I think too about the character in Bolaño’s 2666 in that dusty hardworking violent northern Mexican city who keeps returning to the bar where the owners hate him, keeps returning in search of something, in order to prove something, even if what it turns out he is blindly seeking is death.
There’s a problem of judgment when it comes to first idiots. They often cause and sometimes personally administer cruelty and death. Also nothing is the same in their wake: they have “greatness” in the morally neutral sense. They loom large. But on a broader scale they have no idea what they’re doing. They always have an idea about what they’re doing but it’s always completely wrong. And it’s not enough to say that the actions were groundbreaking even if the idea was wrong because the actions depend so much on the mindless idea. To call these idiots heroes is ridiculous, but to call them villains seems in a certain sense unnecessarily generous—to consciously do evil you have to understand the situation, and they never do. Children whose tyrannical behavior in a made-up game batters the very real world down to its core. It’s hard to write history in a continent where first idiots loom so large, figures who in every way are the diametric opposite of the intellectual.
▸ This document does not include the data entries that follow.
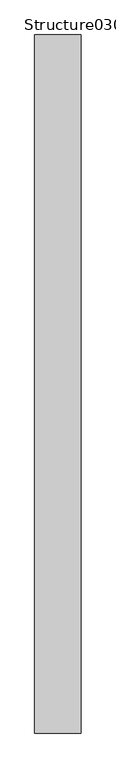
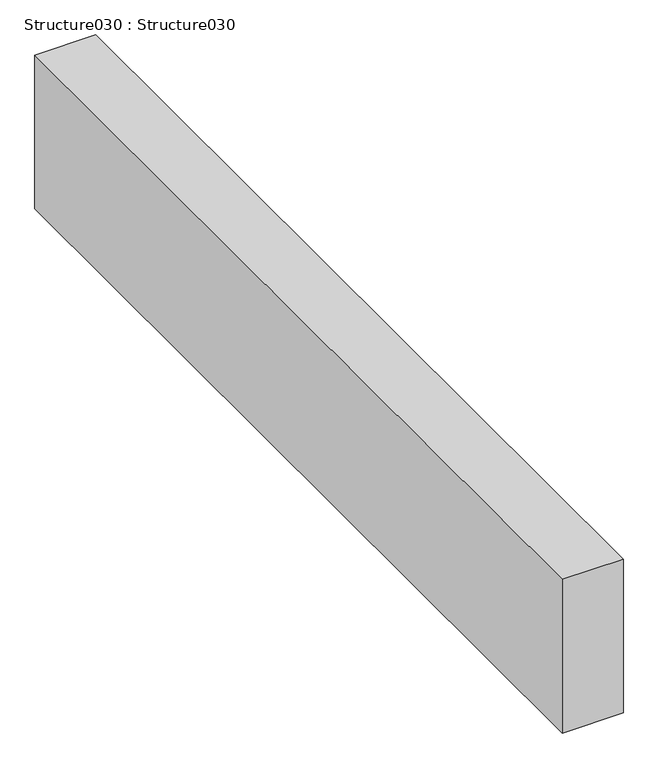
"""IFC4 building model written with IfcOpenShell, lengths in millimetres: proxy geometry, Structure030 : Structure030."""

from ifc_helpers import new_model, si_unit, frame, origin, place, context, project, spatial, polyline, outline, extrude, source, transform, mapped, element, save


def structure030_structure030_d0e04d85(model_context):
    return source(origin(), model_context, "Body", "SweptSolid", [
        extrude(outline(polyline([(-7089.7776325, 7982.1531721), (-7223.1276325, 7982.1531721), (-7223.1276325, 9982.1531721), (-7089.7776325, 9982.1531721), (-7089.7776325, 7982.1531721)])), frame((0.0, 0.0, 39579.2960083), z_axis=(0.0, 0.0, 1.0), x_axis=(1.0, 0.0, 0.0)), (0.0, 0.0, 1.0), 355.6),
    ])


if __name__ == "__main__":
    model = new_model("IFC4")
    model_context = context("Model", 3, world=origin())
    ifc_project = project(units=[si_unit("LENGTHUNIT", "METRE", prefix="MILLI")], contexts=[model_context])
    site = spatial("IfcSite", under=ifc_project)
    building = spatial("IfcBuilding", under=site)
    placement = place(None, origin())
    structure030_structure030_shape = structure030_structure030_d0e04d85(model_context)
    element("IfcBuildingElementProxy", 1, Name="Structure030 : Structure030", ObjectType="Structure030 : Structure030", at=placement, inside=building, context=model_context, shape_type="MappedRepresentation", body=[
        mapped(structure030_structure030_shape, transform((0.0, 0.0, 0.0), x_axis=(1.0, 0.0, 0.0), y_axis=(0.0, 1.0, 0.0), z_axis=(0.0, 0.0, 1.0))),
    ])
    save(model, "model.ifc")

# Revit data of these elements
# Type "Structure030 : Structure030"
#   NameOverride = "Structure030"
# Element 1 (IfcBuildingElementProxy, "Structure030 : Structure030")
#   Materials on its faces: "STRUCTURAL MEMBER (SEE STRUCTURAL DWGS)"
# Materials
#   "STRUCTURAL MEMBER (SEE STRUCTURAL DWGS)": class "Unassigned", colour RGB 176 134 95, transparency 0, Cost = 0

There’s a song on Tropicália, ou Panis et Circencis, the iconic 1968 album with Gilberto Gil, Caetano Veloso and the rest, called “Três Caravelas,” about Columbus. The lyrics are hagiographic and penned, apparently, by a couple of Spaniards back in the fifties, later adapted into Portuguese before being given this rendition by a bunch of musical-cultural-political renegades working under Brazil’s right-wing military dictatorship.
Viva Cristóvão Colombo
Que para nossa alegria
Veio com três caravelas
A Pinta, a Nina e a Santa Maria
Long live Columbus, who for the sake of our happiness, came with three caravels: the Pinta, the Niña, and the Santa Maria. There’s something wicked in Caetano’s delivery, something dripping with sarcasm. Yes, for the sake of our happiness—that’s right. It’s a good song, and like other songs Caetano sings half in Portuguese and half in another language, there’s something wonderful about how he digs into the first verse that he sings in Portuguese. A fitting mocking little scrape and bow to the great man, the carver of the wound, the first idiot.